Antonello Cobianchi racconta com'è nata l’idea di radunare in una esposizione decine di cimeli (solo una minima parte della sua collezione personale) di storia del basket italiano. La mostra sarà aperta fino al 6 gennaio presso il bastione San Giacomo, a Brindisi

L’idea è nata 10 anni fa, quando ha iniziato a collezionare i primi cimeli. Con il passare del tempo quei cimeli, fra maglie, palloni, scarpe e divise, si sono decuplicati, fino a confluire, solo in piccola parte, nel primo museo nazionale del basket che dallo scorso 6 dicembre è visitabile presso il Bastione San Giacomo, a Brindisi. Antonello Cobianchi esprime grande soddisfazione per il riscontro che sta avendo la sua iniziativa, concretizzatasi di concerto con il Comune di Brindisi e la Happy Casa Brindisi. 
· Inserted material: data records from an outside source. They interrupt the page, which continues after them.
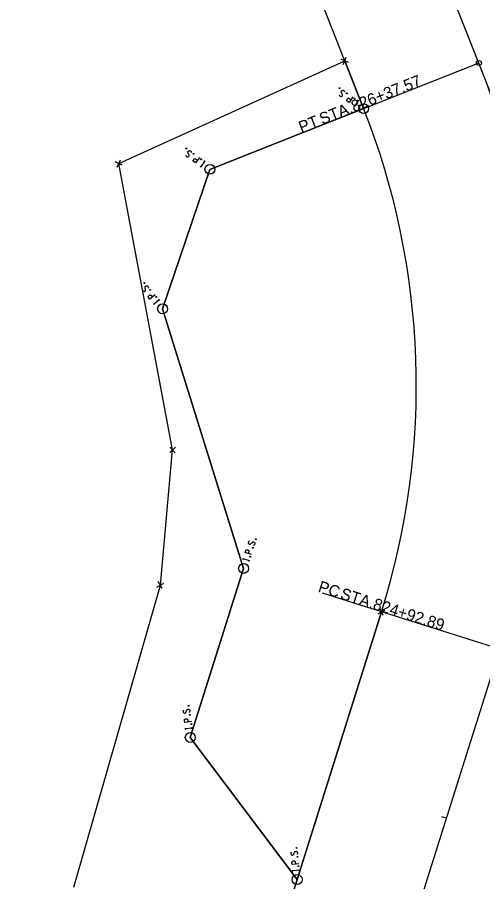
# Model space of a CAD drawing. Extents: x 2376935 to 2379466, y 252990 to 254108.
# Drawn here: x 2377907.2 to 2378019.8, y 253579.4 to 253788.5 of the extents above; entities that cross this region are included whole.
import ezdxf

# ---------------------------------------------------------------- set-up
doc = ezdxf.new("R2010")
doc.units = 0
for name, color, linetype in [('_CIVIL_CONSTRUCTION', 7, 'Continuous'), ('MD_P_Special_Benching_CheckPoint', 7, 'Continuous'), ('PF_X_Ground_Line', 7, 'Continuous'), ('SC_Scratch1', 7, 'Continuous'), ('SC_Scratch11', 7, 'Continuous'), ('SH_Border', 7, 'Continuous'), ('SH_Cut_Line', 7, 'Continuous'), ('SH_Data', 7, 'Continuous'), ('UT_X_Electric', 7, 'Continuous'), ('UT_X_FO', 7, 'Continuous'), ('UT_X_Misc_Cells', 7, 'Continuous'), ('VG_P_Cells', 7, 'Continuous')]:
    doc.layers.add(name, color=color, linetype=linetype)

msp = doc.modelspace()

# ---------------------------------------------------------------- linework, layer by layer
at = {"layer": '_CIVIL_CONSTRUCTION'}
msp.add_line((2378011.01, 253594.72), (2378009.86, 253595.08), dxfattribs=at)
at = {"layer": 'MD_P_Special_Benching_CheckPoint'}
for p, q in [((2377931.71, 253753.13), (2377986.41, 253777.97)), ((2377986.41, 253777.97), (2377990.98, 253766.4)), ((2377990.98, 253766.4), (2377953.78, 253751.71)), ((2377944.75, 253683.85), (2377931.71, 253753.13)), ((2377953.78, 253751.71), (2377942.32, 253717.97)), ((2377942.32, 253717.97), (2377961.92, 253655.17)), ((2377941.78, 253651.15), (2377944.75, 253683.85)), ((2377961.92, 253655.17), (2377949.02, 253614.27)), ((2377920.83, 253578.07), (2377941.78, 253651.15)), ((2377949.02, 253614.27), (2377974.88, 253579.9)), ((2377974.88, 253579.9), (2377948.71, 253496.93))]:
    msp.add_line(p, q, dxfattribs=at)
at = {"layer": 'PF_X_Ground_Line'}
for p, q in [((2377990.98, 253766.4), (2377907.16, 253978.55)), ((2377990.98, 253766.4), (2377907.16, 253978.55)), ((2377907.92, 253367.56), (2377995.3, 253644.64)), ((2377907.92, 253367.56), (2377995.3, 253644.64))]:
    msp.add_line(p, q, dxfattribs=at)
msp.add_arc((2377821.51, 253699.44), 182.22, 342.4978, 21.5597, dxfattribs=at)
msp.add_arc((2377821.51, 253699.44), 182.22, 342.4978, 21.5597, dxfattribs=at)
at = {"layer": 'SC_Scratch1'}
for p, q in [((2378018.88, 253777.43), (2377977.03, 253760.89)), ((2378023.91, 253635.62), (2377980.99, 253649.15))]:
    msp.add_line(p, q, dxfattribs=at)
msp.add_circle((2378018.88, 253777.43), 0.6, dxfattribs=at)
at = {"layer": 'SC_Scratch11'}
for p, q in [((2377953.78, 253751.71), (2377990.98, 253766.4)), ((2377953.78, 253751.71), (2377990.98, 253766.4)), ((2377942.32, 253717.97), (2377953.78, 253751.71)), ((2377942.32, 253717.97), (2377953.78, 253751.71)), ((2377961.92, 253655.17), (2377942.32, 253717.97)), ((2377961.92, 253655.17), (2377942.32, 253717.97)), ((2377949.02, 253614.27), (2377961.92, 253655.17)), ((2377949.02, 253614.27), (2377961.92, 253655.17)), ((2377995.3, 253644.64), (2377974.88, 253579.9)), ((2377995.3, 253644.64), (2377974.88, 253579.9)), ((2377974.88, 253579.9), (2377949.02, 253614.27)), ((2377974.88, 253579.9), (2377949.02, 253614.27))]:
    msp.add_line(p, q, dxfattribs=at)
for start, end in [(342.4983, 21.5591), (342.4978, 21.5596)]:
    msp.add_arc((2377821.51, 253699.44), 182.22, start, end, dxfattribs=at)
at = {"layer": 'SH_Border'}
for p, q in [((2377987.28, 253777.6), (2377985.54, 253778.33)), ((2377986.04, 253777.1), (2377986.78, 253778.83)), ((2377932.57, 253752.74), (2377930.85, 253753.52)), ((2377931.32, 253752.27), (2377932.1, 253753.99)), ((2377944.06, 253683.21), (2377945.44, 253684.49)), ((2377945.39, 253683.16), (2377944.1, 253684.54)), ((2377942.26, 253650.34), (2377941.29, 253651.97)), ((2377940.96, 253650.67), (2377942.59, 253651.63)), ((2377995.73, 253643.81), (2377994.86, 253645.48)), ((2377994.46, 253644.21), (2377996.13, 253645.08))]:
    msp.add_line(p, q, dxfattribs=at)
at = {"layer": 'SH_Cut_Line'}
for points in [[(2377985.11, 253771.24), (2377985.07, 253771.27), (2377985.06, 253771.31), (2377985.06, 253771.37), (2377985.09, 253771.43), (2377985.15, 253771.45), (2377985.19, 253771.45), (2377985.24, 253771.42), (2377985.25, 253771.38), (2377985.25, 253771.32), (2377985.21, 253771.27), (2377985.16, 253771.24), (2377985.11, 253771.24)], [(2377985.05, 253769.73), (2377985.05, 253769.7), (2377985.07, 253769.66), (2377985.12, 253769.57), (2377985.21, 253769.48), (2377985.28, 253769.43), (2377985.31, 253769.41), (2377985.45, 253769.36), (2377985.59, 253769.35), (2377985.71, 253769.39), (2377985.79, 253769.46), (2377985.83, 253769.52), (2377985.87, 253769.62), (2377985.85, 253769.74), (2377985.57, 253770.4), (2377985.55, 253770.47), (2377985.57, 253770.52), (2377985.59, 253770.6), (2377985.63, 253770.66), (2377985.69, 253770.72), (2377985.72, 253770.75), (2377985.78, 253770.79), (2377985.83, 253770.82), (2377985.87, 253770.84), (2377985.91, 253770.85), (2377985.96, 253770.85), (2377986.01, 253770.85), (2377986.04, 253770.84), (2377986.13, 253770.79), (2377986.26, 253770.7), (2377986.32, 253770.62), (2377986.39, 253770.47), (2377986.42, 253770.36)], [(2377986.9, 253769.99), (2377986.85, 253770.02), (2377986.84, 253770.06), (2377986.84, 253770.12), (2377986.88, 253770.17), (2377986.94, 253770.19), (2377986.98, 253770.19), (2377987.02, 253770.16), (2377987.03, 253770.12), (2377987.03, 253770.06), (2377987, 253770.01), (2377986.94, 253769.99), (2377986.9, 253769.99)], [(2377988.37, 253769.22), (2377987.45, 253767.91), (2377987.01, 253768.21), (2377986.97, 253768.26), (2377986.93, 253768.32), (2377986.91, 253768.36), (2377986.9, 253768.4), (2377986.9, 253768.48), (2377986.91, 253768.55), (2377986.95, 253768.64), (2377987.04, 253768.77), (2377987.08, 253768.8), (2377987.14, 253768.85), (2377987.22, 253768.9), (2377987.28, 253768.9), (2377987.32, 253768.9), (2377987.38, 253768.89), (2377987.46, 253768.85), (2377987.89, 253768.55)], [(2377988.74, 253768.69), (2377988.69, 253768.73), (2377988.68, 253768.77), (2377988.68, 253768.83), (2377988.72, 253768.88), (2377988.77, 253768.9), (2377988.82, 253768.9), (2377988.86, 253768.87), (2377988.87, 253768.83), (2377988.87, 253768.77), (2377988.84, 253768.72), (2377988.78, 253768.7), (2377988.74, 253768.69)], [(2377988.87, 253766.91), (2377988.58, 253767.11)], [(2377989.65, 253768.32), (2377988.73, 253767.01)], [(2377989.79, 253768.22), (2377989.5, 253768.42)], [(2377947.92, 253755.16), (2377947.92, 253755.13), (2377947.93, 253755.09), (2377947.99, 253755), (2377948.07, 253754.91), (2377948.14, 253754.85), (2377948.17, 253754.83), (2377948.31, 253754.78), (2377948.45, 253754.77), (2377948.57, 253754.8), (2377948.65, 253754.87), (2377948.69, 253754.93), (2377948.73, 253755.03), (2377948.72, 253755.15), (2377948.45, 253755.81), (2377948.44, 253755.89), (2377948.45, 253755.94), (2377948.48, 253756.01), (2377948.52, 253756.08), (2377948.57, 253756.13), (2377948.61, 253756.16), (2377948.67, 253756.2), (2377948.72, 253756.23), (2377948.76, 253756.25), (2377948.8, 253756.26), (2377948.85, 253756.26), (2377948.9, 253756.25), (2377948.93, 253756.24), (2377949.02, 253756.19), (2377949.14, 253756.1), (2377949.21, 253756.02), (2377949.27, 253755.87), (2377949.3, 253755.76)], [(2377948.01, 253756.67), (2377947.97, 253756.7), (2377947.96, 253756.74), (2377947.96, 253756.8), (2377948, 253756.85), (2377948.05, 253756.87), (2377948.09, 253756.87), (2377948.14, 253756.84), (2377948.15, 253756.8), (2377948.15, 253756.74), (2377948.11, 253756.69), (2377948.05, 253756.67), (2377948.01, 253756.67)], [(2377949.77, 253755.38), (2377949.73, 253755.41), (2377949.71, 253755.45), (2377949.72, 253755.51), (2377949.76, 253755.56), (2377949.81, 253755.58), (2377949.85, 253755.58), (2377949.9, 253755.55), (2377949.91, 253755.51), (2377949.91, 253755.45), (2377949.87, 253755.4), (2377949.81, 253755.38), (2377949.77, 253755.38)], [(2377951.22, 253754.58), (2377950.27, 253753.29), (2377949.85, 253753.6), (2377949.81, 253753.64), (2377949.76, 253753.71), (2377949.75, 253753.75), (2377949.74, 253753.79), (2377949.74, 253753.87), (2377949.75, 253753.94), (2377949.79, 253754.03), (2377949.88, 253754.15), (2377949.92, 253754.19), (2377949.98, 253754.23), (2377950.07, 253754.28), (2377950.13, 253754.28), (2377950.17, 253754.28), (2377950.23, 253754.27), (2377950.31, 253754.23), (2377950.74, 253753.92)], [(2377951.58, 253754.04), (2377951.54, 253754.08), (2377951.53, 253754.12), (2377951.53, 253754.18), (2377951.57, 253754.23), (2377951.62, 253754.25), (2377951.67, 253754.25), (2377951.71, 253754.22), (2377951.72, 253754.18), (2377951.72, 253754.12), (2377951.68, 253754.07), (2377951.62, 253754.05), (2377951.58, 253754.04)], [(2377951.68, 253752.26), (2377951.39, 253752.46)], [(2377952.48, 253753.65), (2377951.54, 253752.36)], [(2377952.62, 253753.54), (2377952.34, 253753.75)], [(2377937.41, 253722.68), (2377937.41, 253722.65), (2377937.41, 253722.6), (2377937.44, 253722.5), (2377937.5, 253722.39), (2377937.56, 253722.33), (2377937.58, 253722.3), (2377937.7, 253722.22), (2377937.84, 253722.17), (2377937.97, 253722.18), (2377938.06, 253722.23), (2377938.11, 253722.28), (2377938.18, 253722.36), (2377938.19, 253722.48), (2377938.08, 253723.19), (2377938.08, 253723.27), (2377938.11, 253723.32), (2377938.15, 253723.38), (2377938.21, 253723.43), (2377938.27, 253723.47), (2377938.32, 253723.49), (2377938.38, 253723.52), (2377938.43, 253723.53), (2377938.48, 253723.54), (2377938.53, 253723.54), (2377938.57, 253723.53), (2377938.62, 253723.52), (2377938.65, 253723.5), (2377938.72, 253723.43), (2377938.82, 253723.31), (2377938.87, 253723.22), (2377938.89, 253723.06), (2377938.89, 253722.94)], [(2377937.85, 253724.12), (2377937.82, 253724.17), (2377937.81, 253724.21), (2377937.83, 253724.27), (2377937.88, 253724.31), (2377937.94, 253724.31), (2377937.98, 253724.3), (2377938.01, 253724.26), (2377938.02, 253724.22), (2377938, 253724.16), (2377937.95, 253724.12), (2377937.89, 253724.12), (2377937.85, 253724.12)], [(2377940.49, 253721.35), (2377939.27, 253720.31), (2377938.93, 253720.72), (2377938.9, 253720.77), (2377938.87, 253720.84), (2377938.87, 253720.88), (2377938.87, 253720.92), (2377938.89, 253721), (2377938.91, 253721.06), (2377938.98, 253721.15), (2377939.09, 253721.24), (2377939.14, 253721.27), (2377939.21, 253721.3), (2377939.31, 253721.32), (2377939.36, 253721.31), (2377939.4, 253721.31), (2377939.46, 253721.28), (2377939.53, 253721.22), (2377939.87, 253720.82)], [(2377939.26, 253722.46), (2377939.23, 253722.5), (2377939.23, 253722.54), (2377939.24, 253722.6), (2377939.29, 253722.64), (2377939.35, 253722.65), (2377939.39, 253722.64), (2377939.43, 253722.6), (2377939.43, 253722.56), (2377939.41, 253722.5), (2377939.37, 253722.46), (2377939.31, 253722.45), (2377939.26, 253722.46)], [(2377940.72, 253720.75), (2377940.69, 253720.79), (2377940.68, 253720.83), (2377940.7, 253720.89), (2377940.75, 253720.93), (2377940.81, 253720.94), (2377940.85, 253720.93), (2377940.88, 253720.89), (2377940.89, 253720.84), (2377940.87, 253720.79), (2377940.82, 253720.75), (2377940.76, 253720.74), (2377940.72, 253720.75)], [(2377940.4, 253718.98), (2377940.17, 253719.25)], [(2377941.51, 253720.16), (2377940.29, 253719.12)], [(2377941.62, 253720.02), (2377941.39, 253720.29)], [(2377964.76, 253662.23), (2377964.78, 253662.28), (2377964.81, 253662.3), (2377964.87, 253662.32), (2377964.93, 253662.3), (2377964.97, 253662.26), (2377964.98, 253662.22), (2377964.96, 253662.16), (2377964.93, 253662.14), (2377964.87, 253662.12), (2377964.81, 253662.14), (2377964.77, 253662.19), (2377964.76, 253662.23)], [(2377963.3, 253661.83), (2377963.27, 253661.82), (2377963.24, 253661.8), (2377963.17, 253661.71), (2377963.11, 253661.6), (2377963.08, 253661.52), (2377963.07, 253661.49), (2377963.07, 253661.34), (2377963.1, 253661.2), (2377963.17, 253661.1), (2377963.26, 253661.05), (2377963.34, 253661.02), (2377963.44, 253661.02), (2377963.55, 253661.07), (2377964.09, 253661.54), (2377964.16, 253661.57), (2377964.21, 253661.58), (2377964.29, 253661.58), (2377964.36, 253661.56), (2377964.43, 253661.52), (2377964.48, 253661.5), (2377964.53, 253661.46), (2377964.57, 253661.42), (2377964.6, 253661.39), (2377964.63, 253661.35), (2377964.64, 253661.31), (2377964.65, 253661.26), (2377964.65, 253661.22), (2377964.63, 253661.12), (2377964.59, 253660.98), (2377964.53, 253660.89), (2377964.41, 253660.78), (2377964.31, 253660.72)], [(2377964.1, 253660.15), (2377964.12, 253660.2), (2377964.15, 253660.22), (2377964.21, 253660.24), (2377964.27, 253660.22), (2377964.31, 253660.17), (2377964.32, 253660.13), (2377964.31, 253660.08), (2377964.27, 253660.06), (2377964.21, 253660.04), (2377964.15, 253660.06), (2377964.12, 253660.11), (2377964.1, 253660.15)], [(2377963.81, 253658.52), (2377962.29, 253659), (2377962.44, 253659.5), (2377962.47, 253659.55), (2377962.52, 253659.62), (2377962.55, 253659.64), (2377962.59, 253659.67), (2377962.66, 253659.69), (2377962.73, 253659.7), (2377962.83, 253659.69), (2377962.98, 253659.65), (2377963.02, 253659.62), (2377963.09, 253659.58), (2377963.16, 253659.51), (2377963.18, 253659.45), (2377963.2, 253659.42), (2377963.2, 253659.36), (2377963.19, 253659.27), (2377963.03, 253658.76)], [(2377963.42, 253658), (2377963.44, 253658.06), (2377963.47, 253658.08), (2377963.53, 253658.1), (2377963.59, 253658.08), (2377963.63, 253658.03), (2377963.64, 253657.99), (2377963.63, 253657.94), (2377963.59, 253657.91), (2377963.54, 253657.9), (2377963.48, 253657.92), (2377963.44, 253657.96), (2377963.42, 253658)], [(2377961.76, 253657.34), (2377961.87, 253657.67)], [(2377963.34, 253657.02), (2377961.81, 253657.51)], [(2377963.29, 253656.86), (2377963.39, 253657.19)], [(2377947.39, 253620.88), (2377947.37, 253620.85), (2377947.35, 253620.81), (2377947.32, 253620.71), (2377947.32, 253620.59), (2377947.33, 253620.5), (2377947.33, 253620.47), (2377947.39, 253620.33), (2377947.48, 253620.22), (2377947.59, 253620.16), (2377947.7, 253620.15), (2377947.77, 253620.16), (2377947.87, 253620.2), (2377947.94, 253620.3), (2377948.23, 253620.95), (2377948.27, 253621.01), (2377948.32, 253621.04), (2377948.39, 253621.07), (2377948.47, 253621.08), (2377948.54, 253621.08), (2377948.6, 253621.08), (2377948.66, 253621.07), (2377948.71, 253621.05), (2377948.75, 253621.03), (2377948.8, 253621.01), (2377948.83, 253620.98), (2377948.86, 253620.94), (2377948.87, 253620.91), (2377948.9, 253620.81), (2377948.92, 253620.66), (2377948.91, 253620.56), (2377948.84, 253620.4), (2377948.78, 253620.3)], [(2377948.54, 253621.86), (2377948.53, 253621.92), (2377948.55, 253621.95), (2377948.59, 253621.99), (2377948.66, 253622), (2377948.71, 253621.97), (2377948.74, 253621.95), (2377948.75, 253621.89), (2377948.73, 253621.85), (2377948.68, 253621.81), (2377948.62, 253621.81), (2377948.57, 253621.83), (2377948.54, 253621.86)], [(2377949.28, 253618.1), (2377947.7, 253617.88), (2377947.62, 253618.4), (2377947.63, 253618.46), (2377947.64, 253618.54), (2377947.66, 253618.58), (2377947.68, 253618.61), (2377947.74, 253618.66), (2377947.8, 253618.71), (2377947.89, 253618.74), (2377948.04, 253618.76), (2377948.1, 253618.76), (2377948.17, 253618.75), (2377948.27, 253618.72), (2377948.31, 253618.68), (2377948.34, 253618.65), (2377948.37, 253618.6), (2377948.4, 253618.51), (2377948.47, 253617.99)], [(2377948.84, 253619.7), (2377948.83, 253619.75), (2377948.85, 253619.79), (2377948.9, 253619.83), (2377948.96, 253619.84), (2377949.02, 253619.81), (2377949.05, 253619.78), (2377949.05, 253619.73), (2377949.03, 253619.69), (2377948.99, 253619.65), (2377948.93, 253619.64), (2377948.87, 253619.67), (2377948.84, 253619.7)], [(2377947.94, 253616.15), (2377947.89, 253616.5)], [(2377949.5, 253616.55), (2377947.92, 253616.33)], [(2377949.16, 253617.47), (2377949.15, 253617.53), (2377949.17, 253617.56), (2377949.21, 253617.6), (2377949.28, 253617.61), (2377949.33, 253617.59), (2377949.36, 253617.56), (2377949.37, 253617.5), (2377949.35, 253617.47), (2377949.3, 253617.43), (2377949.24, 253617.42), (2377949.18, 253617.44), (2377949.16, 253617.47)], [(2377949.53, 253616.38), (2377949.48, 253616.73)], [(2377974.63, 253587.5), (2377974.63, 253587.56), (2377974.65, 253587.59), (2377974.7, 253587.63), (2377974.76, 253587.64), (2377974.81, 253587.61), (2377974.84, 253587.58), (2377974.85, 253587.53), (2377974.83, 253587.49), (2377974.78, 253587.45), (2377974.72, 253587.45), (2377974.66, 253587.47), (2377974.63, 253587.5)], [(2377973.46, 253586.55), (2377973.44, 253586.53), (2377973.41, 253586.49), (2377973.39, 253586.39), (2377973.37, 253586.27), (2377973.38, 253586.18), (2377973.39, 253586.15), (2377973.44, 253586.01), (2377973.53, 253585.9), (2377973.64, 253585.83), (2377973.74, 253585.82), (2377973.82, 253585.83), (2377973.91, 253585.86), (2377973.99, 253585.96), (2377974.3, 253586.6), (2377974.35, 253586.66), (2377974.39, 253586.69), (2377974.47, 253586.72), (2377974.54, 253586.73), (2377974.62, 253586.72), (2377974.67, 253586.72), (2377974.73, 253586.7), (2377974.79, 253586.69), (2377974.83, 253586.67), (2377974.87, 253586.64), (2377974.9, 253586.61), (2377974.93, 253586.57), (2377974.94, 253586.54), (2377974.97, 253586.44), (2377974.98, 253586.29), (2377974.97, 253586.19), (2377974.9, 253586.03), (2377974.83, 253585.94)], [(2377974.87, 253585.33), (2377974.87, 253585.39), (2377974.89, 253585.42), (2377974.93, 253585.46), (2377975, 253585.47), (2377975.05, 253585.44), (2377975.08, 253585.41), (2377975.08, 253585.36), (2377975.06, 253585.32), (2377975.02, 253585.28), (2377974.95, 253585.28), (2377974.9, 253585.3), (2377974.87, 253585.33)], [(2377975.26, 253583.72), (2377973.67, 253583.55), (2377973.62, 253584.08), (2377973.62, 253584.13), (2377973.64, 253584.21), (2377973.66, 253584.25), (2377973.68, 253584.28), (2377973.74, 253584.33), (2377973.8, 253584.37), (2377973.9, 253584.41), (2377974.05, 253584.42), (2377974.1, 253584.42), (2377974.17, 253584.4), (2377974.27, 253584.37), (2377974.31, 253584.33), (2377974.34, 253584.3), (2377974.37, 253584.25), (2377974.39, 253584.16), (2377974.45, 253583.63)], [(2377975.12, 253583.1), (2377975.11, 253583.15), (2377975.13, 253583.19), (2377975.18, 253583.23), (2377975.24, 253583.23), (2377975.29, 253583.21), (2377975.32, 253583.18), (2377975.33, 253583.12), (2377975.31, 253583.09), (2377975.26, 253583.05), (2377975.2, 253583.04), (2377975.14, 253583.07), (2377975.12, 253583.1)], [(2377973.86, 253581.82), (2377973.82, 253582.17)], [(2377975.43, 253582.17), (2377973.84, 253581.99)], [(2377975.45, 253581.99), (2377975.41, 253582.34)]]:
    msp.add_lwpolyline(points, dxfattribs=at)
for centre in [(2377990.98, 253766.4), (2377953.78, 253751.71), (2377942.32, 253717.97), (2377961.92, 253655.17), (2377949.02, 253614.27), (2377974.88, 253579.9)]:
    msp.add_circle(centre, 1.2, dxfattribs=at)
at = {"layer": 'SH_Data'}
for p, q in [((2377953.78, 253751.71), (2377990.98, 253766.4)), ((2377942.32, 253717.97), (2377953.78, 253751.71)), ((2377961.92, 253655.17), (2377942.32, 253717.97)), ((2377949.02, 253614.27), (2377961.92, 253655.17)), ((2377974.88, 253579.9), (2377949.02, 253614.27))]:
    msp.add_line(p, q, dxfattribs=at)
at = {"layer": 'UT_X_Electric'}
msp.add_lwpolyline([(2378023.91, 253635.62), (2378046.55, 253707.41), (2378018.88, 253777.43)], dxfattribs=at)
at = {"layer": 'UT_X_FO'}
for p, q in [((2378018.88, 253777.43), (2377936.39, 253986.22)), ((2377935.57, 253355.49), (2378023.91, 253635.62))]:
    msp.add_line(p, q, dxfattribs=at)
msp.add_arc((2377821.51, 253699.44), 212.22, 342.4977, 21.5597, dxfattribs=at)
at = {"layer": 'UT_X_Misc_Cells'}
msp.add_circle((2377974.88, 253579.9), 0.05, dxfattribs=at)
at = {"layer": 'VG_P_Cells'}
for p, q in [((2377931.71, 253753.13), (2377986.41, 253777.97)), ((2377944.75, 253683.85), (2377931.71, 253753.13)), ((2377941.78, 253651.15), (2377944.75, 253683.85)), ((2377920.83, 253578.07), (2377941.78, 253651.15))]:
    msp.add_line(p, q, dxfattribs=at)

# ---------------------------------------------------------------- texts
at = {"layer": 'SC_Scratch1'}
for s, rotation, p in [('826+37.57', 21.5597, (2377988.63, 253765.51)), (' STA. ', 21.5597, (2377979.96, 253762.09)), ('PT', 21.5597, (2377975.91, 253760.49)), ('PC', 342.4977, (2377979.77, 253649.58)), (' STA. ', 342.4977, (2377984.15, 253648.19)), ('824+92.89', 342.4977, (2377993.04, 253645.39))]:
    msp.add_text(s, height=2.8, rotation=rotation, dxfattribs=at).set_placement(p)

doc.saveas('drawing.dxf')

La mostra “Ieri e oggi, la Stella del Sud” ha riscosso un tale successo che si è deciso di prolungarla fino al giorno dell’Epifania, con aperture quotidiane (ingesso gratuito) dalle 10:00 alle 12:30 e dalle 17:00 alle 19:30. Nelle sale del bastione sono esposte le canotte di alcuni fra i più grandi giocatori della storia del basket nazionale (dagli anni ’40 al nuovo millennio) e cimeli legati a personaggi (su tutti Claudio Malagoli e Elio Pentassuglia) e vittore indelebili (dalla prima promozione in A1 nel 1981 alle più recenti promozioni nel massimo campionato) del basket brindisino, con una proiezione verso il futuro. Uno dei pezzi pregiati della mostra, infatti, è il plastico del palaeventi “New Arena” che sorgerà nei pressi del vecchio palasport di contrada Masseriola.